## [Assigned task]
Out of all the lines below, count those with the word "name". Give the number only.

## [Material supplied]
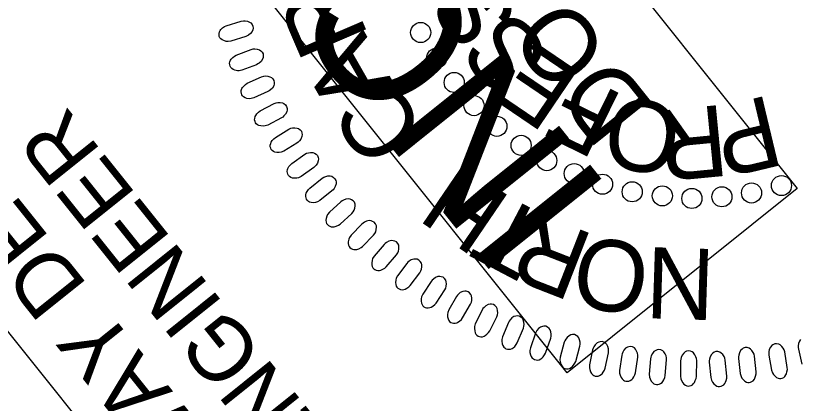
# Model space of a CAD drawing. Extents: x 473437 to 475344, y 504319 to 506318.
# Drawn here: x 473584.9 to 473647.5, y 505540.2 to 505571.1 of the extents above; entities that cross this region are included whole.
import ezdxf

# ---------------------------------------------------------------- set-up
doc = ezdxf.new("R2010")
doc.units = 0
for name, color, linetype in [('Sheet PE Seal Cell', 7, 'Continuous'), ('Sheet Plan CELL', 7, 'Continuous'), ('Sheet Sticker Incomplete CELL', 7, 'Continuous')]:
    doc.layers.add(name, color=color, linetype=linetype)

msp = doc.modelspace()

# ---------------------------------------------------------------- linework, layer by layer
at = {"layer": 'Sheet PE Seal Cell'}
for points in [[(473603.245, 505569.425), (473602.073, 505569.065), (473601.852, 505569.037), (473601.703, 505569.046), (473601.508, 505569.103), (473601.374, 505569.164), (473601.265, 505569.248), (473601.197, 505569.336), (473601.144, 505569.437), (473601.131, 505569.55), (473601.125, 505569.674), (473601.151, 505569.791), (473601.216, 505569.921), (473601.274, 505570.001), (473601.397, 505570.109), (473601.551, 505570.22), (473601.698, 505570.288), (473602.897, 505570.663), (473603.066, 505570.691), (473603.212, 505570.689), (473603.391, 505570.65), (473603.558, 505570.585), (473603.662, 505570.515), (473603.765, 505570.382), (473603.828, 505570.245), (473603.834, 505570.091), (473603.817, 505569.976), (473603.759, 505569.825), (473603.631, 505569.661), (473603.48, 505569.544), (473603.365, 505569.478)], [(473604.098, 505567.183), (473602.95, 505566.75), (473602.732, 505566.708), (473602.583, 505566.708), (473602.384, 505566.753), (473602.248, 505566.805), (473602.133, 505566.882), (473602.059, 505566.966), (473602.001, 505567.064), (473601.98, 505567.176), (473601.966, 505567.298), (473601.985, 505567.418), (473602.041, 505567.55), (473602.095, 505567.634), (473602.211, 505567.75), (473602.358, 505567.869), (473602.5, 505567.947), (473603.673, 505568.397), (473603.839, 505568.436), (473603.986, 505568.443), (473604.167, 505568.416), (473604.337, 505568.359), (473604.446, 505568.297), (473604.558, 505568.171), (473604.629, 505568.038), (473604.644, 505567.884), (473604.634, 505567.769), (473604.586, 505567.615), (473604.47, 505567.443), (473604.325, 505567.316), (473604.214, 505567.243)], [(473605.019, 505565.038), (473603.9, 505564.534), (473603.685, 505564.478), (473603.536, 505564.468), (473603.335, 505564.501), (473603.196, 505564.544), (473603.077, 505564.614), (473602.997, 505564.693), (473602.932, 505564.787), (473602.905, 505564.897), (473602.883, 505565.019), (473602.895, 505565.138), (473602.943, 505565.275), (473602.991, 505565.362), (473603.1, 505565.485), (473603.239, 505565.613), (473603.375, 505565.7), (473604.518, 505566.222), (473604.682, 505566.271), (473604.827, 505566.287), (473605.009, 505566.272), (473605.183, 505566.227), (473605.296, 505566.171), (473605.415, 505566.052), (473605.494, 505565.924), (473605.519, 505565.772), (473605.517, 505565.656), (473605.478, 505565.499), (473605.373, 505565.32), (473605.236, 505565.185), (473605.131, 505565.105)], [(473606.089, 505562.942), (473605.005, 505562.369), (473604.793, 505562.3), (473604.645, 505562.281), (473604.443, 505562.301), (473604.301, 505562.335), (473604.178, 505562.397), (473604.094, 505562.471), (473604.023, 505562.561), (473603.989, 505562.669), (473603.959, 505562.789), (473603.963, 505562.91), (473604.003, 505563.049), (473604.045, 505563.138), (473604.146, 505563.268), (473604.277, 505563.405), (473604.408, 505563.5), (473605.515, 505564.093), (473605.675, 505564.152), (473605.82, 505564.178), (473606.003, 505564.173), (473606.179, 505564.139), (473606.295, 505564.09), (473606.421, 505563.98), (473606.508, 505563.857), (473606.543, 505563.706), (473606.548, 505563.59), (473606.519, 505563.431), (473606.425, 505563.246), (473606.298, 505563.103), (473606.197, 505563.016)], [(473607.327, 505560.936), (473606.281, 505560.297), (473606.074, 505560.214), (473605.928, 505560.186), (473605.725, 505560.193), (473605.58, 505560.219), (473605.454, 505560.273), (473605.365, 505560.341), (473605.29, 505560.426), (473605.248, 505560.533), (473605.211, 505560.65), (473605.208, 505560.77), (473605.238, 505560.912), (473605.275, 505561.004), (473605.367, 505561.14), (473605.49, 505561.284), (473605.614, 505561.387), (473606.682, 505562.049), (473606.838, 505562.118), (473606.98, 505562.153), (473607.164, 505562.16), (473607.341, 505562.137), (473607.46, 505562.096), (473607.593, 505561.993), (473607.688, 505561.876), (473607.732, 505561.727), (473607.744, 505561.612), (473607.726, 505561.451), (473607.643, 505561.261), (473607.525, 505561.11), (473607.43, 505561.017)], [(473608.667, 505558.983), (473607.662, 505558.278), (473607.461, 505558.182), (473607.317, 505558.145), (473607.114, 505558.14), (473606.968, 505558.156), (473606.838, 505558.202), (473606.746, 505558.265), (473606.665, 505558.346), (473606.617, 505558.449), (473606.573, 505558.564), (473606.562, 505558.684), (473606.583, 505558.827), (473606.614, 505558.921), (473606.698, 505559.063), (473606.811, 505559.214), (473606.928, 505559.325), (473607.953, 505560.052), (473608.104, 505560.132), (473608.244, 505560.175), (473608.426, 505560.193), (473608.605, 505560.181), (473608.727, 505560.148), (473608.866, 505560.054), (473608.968, 505559.943), (473609.021, 505559.797), (473609.04, 505559.683), (473609.031, 505559.522), (473608.961, 505559.327), (473608.853, 505559.168), (473608.764, 505559.069)], [(473610.12, 505557.124), (473609.162, 505556.358), (473608.968, 505556.25), (473608.825, 505556.204), (473608.623, 505556.186), (473608.477, 505556.193), (473608.344, 505556.231), (473608.248, 505556.287), (473608.162, 505556.363), (473608.108, 505556.462), (473608.056, 505556.575), (473608.038, 505556.693), (473608.05, 505556.838), (473608.076, 505556.935), (473608.15, 505557.08), (473608.253, 505557.24), (473608.364, 505557.357), (473609.34, 505558.147), (473609.487, 505558.236), (473609.624, 505558.288), (473609.804, 505558.317), (473609.984, 505558.317), (473610.106, 505558.291), (473610.251, 505558.205), (473610.36, 505558.101), (473610.422, 505557.96), (473610.449, 505557.847), (473610.451, 505557.685), (473610.393, 505557.486), (473610.295, 505557.321), (473610.212, 505557.217)], [(473610.824, 505556.259), (473609.916, 505555.434), (473609.779, 505555.259), (473609.711, 505555.127), (473609.66, 505554.929), (473609.644, 505554.784), (473609.661, 505554.647), (473609.701, 505554.543), (473609.763, 505554.446), (473609.853, 505554.377), (473609.955, 505554.309), (473610.07, 505554.271), (473610.214, 505554.261), (473610.313, 505554.271), (473610.469, 505554.321), (473610.643, 505554.397), (473610.775, 505554.488), (473611.711, 505555.328), (473611.821, 505555.458), (473611.894, 505555.585), (473611.952, 505555.759), (473611.98, 505555.936), (473611.974, 505556.061), (473611.912, 505556.218), (473611.827, 505556.342), (473611.696, 505556.426), (473611.589, 505556.47), (473611.43, 505556.496), (473611.224, 505556.471), (473611.046, 505556.4), (473610.93, 505556.335)], [(473612.506, 505554.482), (473611.652, 505553.602), (473611.525, 505553.418), (473611.466, 505553.282), (473611.428, 505553.082), (473611.421, 505552.935), (473611.446, 505552.801), (473611.494, 505552.699), (473611.56, 505552.606), (473611.655, 505552.543), (473611.761, 505552.481), (473611.878, 505552.451), (473612.022, 505552.449), (473612.121, 505552.465), (473612.273, 505552.525), (473612.441, 505552.613), (473612.569, 505552.711), (473613.449, 505553.608), (473613.551, 505553.745), (473613.616, 505553.877), (473613.663, 505554.054), (473613.68, 505554.232), (473613.665, 505554.357), (473613.595, 505554.509), (473613.501, 505554.628), (473613.366, 505554.703), (473613.256, 505554.74), (473613.096, 505554.757), (473612.892, 505554.719), (473612.719, 505554.637), (473612.607, 505554.564)], [(473614.281, 505552.853), (473613.484, 505551.921), (473613.37, 505551.73), (473613.318, 505551.59), (473613.293, 505551.388), (473613.296, 505551.242), (473613.329, 505551.108), (473613.383, 505551.01), (473613.455, 505550.921), (473613.553, 505550.864), (473613.663, 505550.809), (473613.782, 505550.786), (473613.927, 505550.794), (473614.024, 505550.816), (473614.172, 505550.886), (473614.334, 505550.983), (473614.455, 505551.09), (473615.277, 505552.04), (473615.371, 505552.183), (473615.428, 505552.318), (473615.463, 505552.498), (473615.468, 505552.677), (473615.446, 505552.801), (473615.366, 505552.949), (473615.265, 505553.06), (473615.126, 505553.128), (473615.014, 505553.158), (473614.853, 505553.165), (473614.652, 505553.114), (473614.484, 505553.021), (473614.377, 505552.942)], [(473616.09, 505551.348), (473615.353, 505550.368), (473615.251, 505550.17), (473615.208, 505550.027), (473615.196, 505549.824), (473615.208, 505549.678), (473615.25, 505549.547), (473615.309, 505549.451), (473615.387, 505549.369), (473615.488, 505549.317), (473615.602, 505549.269), (473615.722, 505549.254), (473615.865, 505549.271), (473615.961, 505549.298), (473616.105, 505549.378), (473616.26, 505549.485), (473616.374, 505549.599), (473617.136, 505550.599), (473617.22, 505550.748), (473617.268, 505550.887), (473617.292, 505551.068), (473617.286, 505551.247), (473617.256, 505551.369), (473617.167, 505551.512), (473617.059, 505551.617), (473616.916, 505551.676), (473616.803, 505551.699), (473616.641, 505551.695), (473616.444, 505551.631), (473616.282, 505551.528), (473616.18, 505551.443)], [(473618.033, 505549.914), (473617.359, 505548.889), (473617.269, 505548.686), (473617.236, 505548.54), (473617.236, 505548.337), (473617.257, 505548.192), (473617.307, 505548.064), (473617.373, 505547.972), (473617.455, 505547.894), (473617.56, 505547.849), (473617.676, 505547.809), (473617.796, 505547.801), (473617.939, 505547.826), (473618.033, 505547.861), (473618.171, 505547.948), (473618.32, 505548.066), (473618.427, 505548.187), (473619.123, 505549.232), (473619.197, 505549.386), (473619.237, 505549.527), (473619.25, 505549.71), (473619.233, 505549.888), (473619.196, 505550.008), (473619.097, 505550.145), (473618.983, 505550.243), (473618.837, 505550.292), (473618.721, 505550.308), (473618.561, 505550.295), (473618.368, 505550.219), (473618.213, 505550.106), (473618.116, 505550.014)], [(473620.045, 505548.706), (473619.437, 505547.641), (473619.361, 505547.431), (473619.336, 505547.285), (473619.35, 505547.082), (473619.379, 505546.938), (473619.437, 505546.814), (473619.508, 505546.727), (473619.596, 505546.654), (473619.703, 505546.616), (473619.822, 505546.582), (473619.942, 505546.582), (473620.083, 505546.617), (473620.174, 505546.657), (473620.307, 505546.753), (473620.448, 505546.879), (473620.546, 505547.006), (473621.176, 505548.094), (473621.241, 505548.252), (473621.271, 505548.396), (473621.273, 505548.579), (473621.245, 505548.755), (473621.2, 505548.873), (473621.093, 505549.003), (473620.973, 505549.094), (473620.824, 505549.133), (473620.708, 505549.142), (473620.548, 505549.119), (473620.36, 505549.032), (473620.213, 505548.908), (473620.123, 505548.811)], [(473622.097, 505547.635), (473621.556, 505546.534), (473621.493, 505546.321), (473621.479, 505546.172), (473621.504, 505545.971), (473621.544, 505545.83), (473621.609, 505545.709), (473621.685, 505545.627), (473621.777, 505545.559), (473621.887, 505545.528), (473622.007, 505545.502), (473622.127, 505545.509), (473622.265, 505545.553), (473622.354, 505545.598), (473622.48, 505545.703), (473622.613, 505545.838), (473622.704, 505545.971), (473623.264, 505547.096), (473623.319, 505547.258), (473623.34, 505547.403), (473623.329, 505547.586), (473623.29, 505547.761), (473623.238, 505547.875), (473623.124, 505547.998), (473622.998, 505548.082), (473622.847, 505548.111), (473622.731, 505548.113), (473622.573, 505548.08), (473622.391, 505547.98), (473622.251, 505547.849), (473622.167, 505547.745)], [(473624.19, 505546.643), (473623.72, 505545.51), (473623.67, 505545.292), (473623.665, 505545.144), (473623.703, 505544.944), (473623.751, 505544.806), (473623.824, 505544.689), (473623.905, 505544.612), (473624.001, 505544.551), (473624.112, 505544.526), (473624.234, 505544.508), (473624.354, 505544.523), (473624.489, 505544.575), (473624.575, 505544.626), (473624.694, 505544.738), (473624.819, 505544.881), (473624.9, 505545.02), (473625.389, 505546.178), (473625.433, 505546.342), (473625.445, 505546.489), (473625.424, 505546.67), (473625.374, 505546.842), (473625.315, 505546.953), (473625.192, 505547.069), (473625.062, 505547.144), (473624.909, 505547.165), (473624.793, 505547.159), (473624.637, 505547.116), (473624.462, 505547.005), (473624.331, 505546.865), (473624.254, 505546.757)], [(473626.342, 505545.781), (473625.944, 505544.621), (473625.908, 505544.401), (473625.912, 505544.253), (473625.962, 505544.055), (473626.019, 505543.92), (473626.099, 505543.809), (473626.185, 505543.737), (473626.285, 505543.682), (473626.398, 505543.663), (473626.52, 505543.653), (473626.639, 505543.676), (473626.77, 505543.736), (473626.853, 505543.792), (473626.965, 505543.912), (473627.079, 505544.063), (473627.153, 505544.206), (473627.568, 505545.392), (473627.602, 505545.56), (473627.605, 505545.707), (473627.571, 505545.887), (473627.511, 505546.055), (473627.445, 505546.162), (473627.316, 505546.269), (473627.181, 505546.337), (473627.027, 505546.348), (473626.911, 505546.334), (473626.759, 505546.282), (473626.591, 505546.16), (473626.469, 505546.011), (473626.399, 505545.899)], [(473628.65, 505545.066), (473628.325, 505543.883), (473628.303, 505543.661), (473628.316, 505543.513), (473628.38, 505543.319), (473628.445, 505543.188), (473628.532, 505543.082), (473628.622, 505543.015), (473628.725, 505542.967), (473628.838, 505542.956), (473628.961, 505542.953), (473629.078, 505542.983), (473629.206, 505543.052), (473629.284, 505543.113), (473629.389, 505543.24), (473629.494, 505543.396), (473629.558, 505543.544), (473629.898, 505544.754), (473629.921, 505544.924), (473629.915, 505545.07), (473629.871, 505545.248), (473629.799, 505545.412), (473629.727, 505545.515), (473629.591, 505545.614), (473629.452, 505545.673), (473629.297, 505545.674), (473629.184, 505545.653), (473629.034, 505545.591), (473628.874, 505545.459), (473628.762, 505545.304), (473628.699, 505545.186)], [(473630.909, 505544.465), (473630.66, 505543.264), (473630.652, 505543.042), (473630.674, 505542.895), (473630.75, 505542.706), (473630.822, 505542.579), (473630.916, 505542.478), (473631.01, 505542.418), (473631.116, 505542.375), (473631.23, 505542.372), (473631.353, 505542.377), (473631.468, 505542.414), (473631.591, 505542.491), (473631.665, 505542.556), (473631.762, 505542.689), (473631.857, 505542.852), (473631.912, 505543.005), (473632.175, 505544.233), (473632.187, 505544.404), (473632.171, 505544.549), (473632.116, 505544.724), (473632.035, 505544.883), (473631.956, 505544.981), (473631.814, 505545.072), (473631.672, 505545.122), (473631.518, 505545.113), (473631.405, 505545.086), (473631.26, 505545.014), (473631.109, 505544.872), (473631.007, 505544.71), (473630.951, 505544.589)], [(473644.961, 505544.048), (473645.17, 505542.839), (473645.245, 505542.63), (473645.32, 505542.501), (473645.46, 505542.353), (473645.574, 505542.261), (473645.698, 505542.202), (473645.808, 505542.181), (473645.922, 505542.18), (473646.029, 505542.219), (473646.142, 505542.269), (473646.235, 505542.346), (473646.32, 505542.462), (473646.366, 505542.551), (473646.407, 505542.71), (473646.435, 505542.897), (473646.43, 505543.058), (473646.222, 505544.297), (473646.171, 505544.46), (473646.103, 505544.59), (473645.987, 505544.732), (473645.853, 505544.851), (473645.743, 505544.913), (473645.578, 505544.945), (473645.428, 505544.938), (473645.287, 505544.874), (473645.193, 505544.807), (473645.084, 505544.687), (473644.996, 505544.5), (473644.96, 505544.311), (473644.953, 505544.178)], [(473633.228, 505544.031), (473633.054, 505542.817), (473633.06, 505542.595), (473633.092, 505542.448), (473633.179, 505542.265), (473633.259, 505542.143), (473633.359, 505542.048), (473633.457, 505541.993), (473633.565, 505541.958), (473633.679, 505541.962), (473633.802, 505541.975), (473633.914, 505542.019), (473634.032, 505542.103), (473634.103, 505542.173), (473634.19, 505542.312), (473634.275, 505542.481), (473634.319, 505542.635), (473634.505, 505543.879), (473634.507, 505544.05), (473634.482, 505544.194), (473634.416, 505544.365), (473634.325, 505544.52), (473634.24, 505544.612), (473634.093, 505544.693), (473633.947, 505544.734), (473633.794, 505544.715), (473633.683, 505544.681), (473633.543, 505544.601), (473633.401, 505544.45), (473633.309, 505544.281), (473633.261, 505544.158)], [(473635.523, 505543.739), (473635.426, 505542.517), (473635.446, 505542.295), (473635.487, 505542.151), (473635.585, 505541.973), (473635.673, 505541.856), (473635.779, 505541.768), (473635.88, 505541.72), (473635.99, 505541.691), (473636.103, 505541.702), (473636.225, 505541.723), (473636.334, 505541.773), (473636.446, 505541.865), (473636.512, 505541.94), (473636.592, 505542.083), (473636.665, 505542.258), (473636.701, 505542.415), (473636.807, 505543.667), (473636.798, 505543.837), (473636.765, 505543.98), (473636.688, 505544.147), (473636.587, 505544.294), (473636.497, 505544.382), (473636.345, 505544.454), (473636.198, 505544.486), (473636.045, 505544.458), (473635.937, 505544.417), (473635.802, 505544.327), (473635.67, 505544.167), (473635.588, 505543.994), (473635.549, 505543.867)], [(473637.926, 505543.596), (473637.906, 505542.37), (473637.94, 505542.149), (473637.99, 505542.009), (473638.099, 505541.837), (473638.194, 505541.726), (473638.305, 505541.645), (473638.409, 505541.604), (473638.521, 505541.582), (473638.633, 505541.599), (473638.753, 505541.628), (473638.859, 505541.685), (473638.965, 505541.783), (473639.027, 505541.862), (473639.096, 505542.011), (473639.159, 505542.19), (473639.184, 505542.348), (473639.212, 505543.605), (473639.193, 505543.775), (473639.15, 505543.915), (473639.063, 505544.076), (473638.953, 505544.217), (473638.857, 505544.299), (473638.701, 505544.361), (473638.553, 505544.383), (473638.402, 505544.346), (473638.297, 505544.298), (473638.168, 505544.201), (473638.046, 505544.033), (473637.975, 505543.855), (473637.944, 505543.725)], [(473640.208, 505543.469), (473640.332, 505542.249), (473640.392, 505542.035), (473640.457, 505541.901), (473640.586, 505541.743), (473640.694, 505541.644), (473640.813, 505541.577), (473640.921, 505541.547), (473641.035, 505541.539), (473641.145, 505541.57), (473641.261, 505541.612), (473641.359, 505541.681), (473641.453, 505541.791), (473641.504, 505541.877), (473641.556, 505542.033), (473641.598, 505542.218), (473641.604, 505542.378), (473641.484, 505543.629), (473641.445, 505543.796), (473641.386, 505543.93), (473641.28, 505544.08), (473641.155, 505544.207), (473641.05, 505544.276), (473640.888, 505544.32), (473640.737, 505544.325), (473640.592, 505544.27), (473640.493, 505544.21), (473640.377, 505544.098), (473640.275, 505543.918), (473640.226, 505543.732), (473640.21, 505543.6)], [(473642.546, 505543.785), (473642.68, 505542.566), (473642.741, 505542.352), (473642.808, 505542.219), (473642.938, 505542.062), (473643.046, 505541.964), (473643.166, 505541.896), (473643.275, 505541.869), (473643.389, 505541.861), (473643.498, 505541.893), (473643.613, 505541.936), (473643.711, 505542.007), (473643.804, 505542.117), (473643.855, 505542.203), (473643.906, 505542.359), (473643.946, 505542.544), (473643.95, 505542.705), (473643.821, 505543.955), (473643.78, 505544.121), (473643.72, 505544.255), (473643.614, 505544.404), (473643.487, 505544.53), (473643.382, 505544.599), (473643.219, 505544.641), (473643.068, 505544.645), (473642.924, 505544.589), (473642.826, 505544.528), (473642.71, 505544.415), (473642.61, 505544.234), (473642.562, 505544.048), (473642.547, 505543.915)]]:
    msp.add_lwpolyline(points, close=True, dxfattribs=at)
msp.add_lwpolyline([(473647.495, 505545.281), (473647.395, 505545.155), (473647.318, 505544.962), (473647.295, 505544.772), (473647.296, 505544.639), (473647.311, 505544.509), (473647.597, 505543.316)], dxfattribs=at)
for centre in [(473617.199, 505569.751), (473618.474, 505567.711), (473619.872, 505565.771), (473621.452, 505563.924), (473623.28, 505562.276), (473625.207, 505560.759), (473627.253, 505559.54), (473629.44, 505558.505), (473631.698, 505557.66), (473645.966, 505557.55), (473634.067, 505557.057), (473636.468, 505556.734), (473638.825, 505556.529), (473641.22, 505556.66), (473643.578, 505556.965)]:
    msp.add_circle(centre, 0.801, dxfattribs=at)
at = {"layer": 'Sheet Plan CELL'}
msp.add_lwpolyline([(473619.893, 505501.436), (473557.377, 505579.55), (473645.22, 505649.853), (473707.709, 505571.734)], close=True, dxfattribs=at)
at = {"layer": 'Sheet Sticker Incomplete CELL'}
msp.add_lwpolyline([(473647.22, 505557.313), (473628.873, 505542.629), (473537.02, 505657.398), (473555.367, 505672.082)], close=True, dxfattribs=at)

# ---------------------------------------------------------------- texts
at = {"layer": 'Sheet PE Seal Cell'}
for s, rotation, p in [('S', 122.02046, (473625.236, 505570.88)), ('R', 113.28019, (473613.087, 505569.434)), ('S', 129.96025, (473627.728, 505567.929)), ('A', 119.76954, (473615.095, 505565.653)), ('E', 145.83985, (473630.206, 505566.368)), ('C', 126.2589, (473617.792, 505561.951)), ('F', 153.77965, (473633.526, 505564.682)), ('O', 169.65924, (473638.286, 505563.757)), ('P', 193.47864, (473645.024, 505564.794)), ('R', 185.53884, (473641.345, 505564.01)), ('H', 145.72697, (473624.577, 505556.487)), ('T', 152.21633, (473627.664, 505554.886)), ('R', 158.70569, (473631.174, 505553.571)), ('O', 171.6844, (473635.71, 505552.75)), ('N', 178.17375, (473640.733, 505552.483))]:
    msp.add_text(s, height=5.669, rotation=rotation, dxfattribs=at).set_placement(p)
at = {"layer": 'Sheet Plan CELL'}
for s, p in [('ROADWAY DESIGN', (473613.486, 505521.125)), ('ENGINEER', (473610.631, 505536.755))]:
    msp.add_text(s, height=5.0001, rotation=128.67123, dxfattribs=at).set_placement(p)
at = {"layer": 'Sheet Sticker Incomplete CELL'}
for s, height, p in [('INCOMPLETE PLANS', 11.52, (473632.493, 505556.99)), ('DO NOT USE FOR R/W ACQUISITION', 5.76, (473635.889, 505563.87))]:
    msp.add_text(s, height=height, rotation=128.67122, dxfattribs=at).set_placement(p)

doc.saveas('drawing.dxf')

## [Task result]
2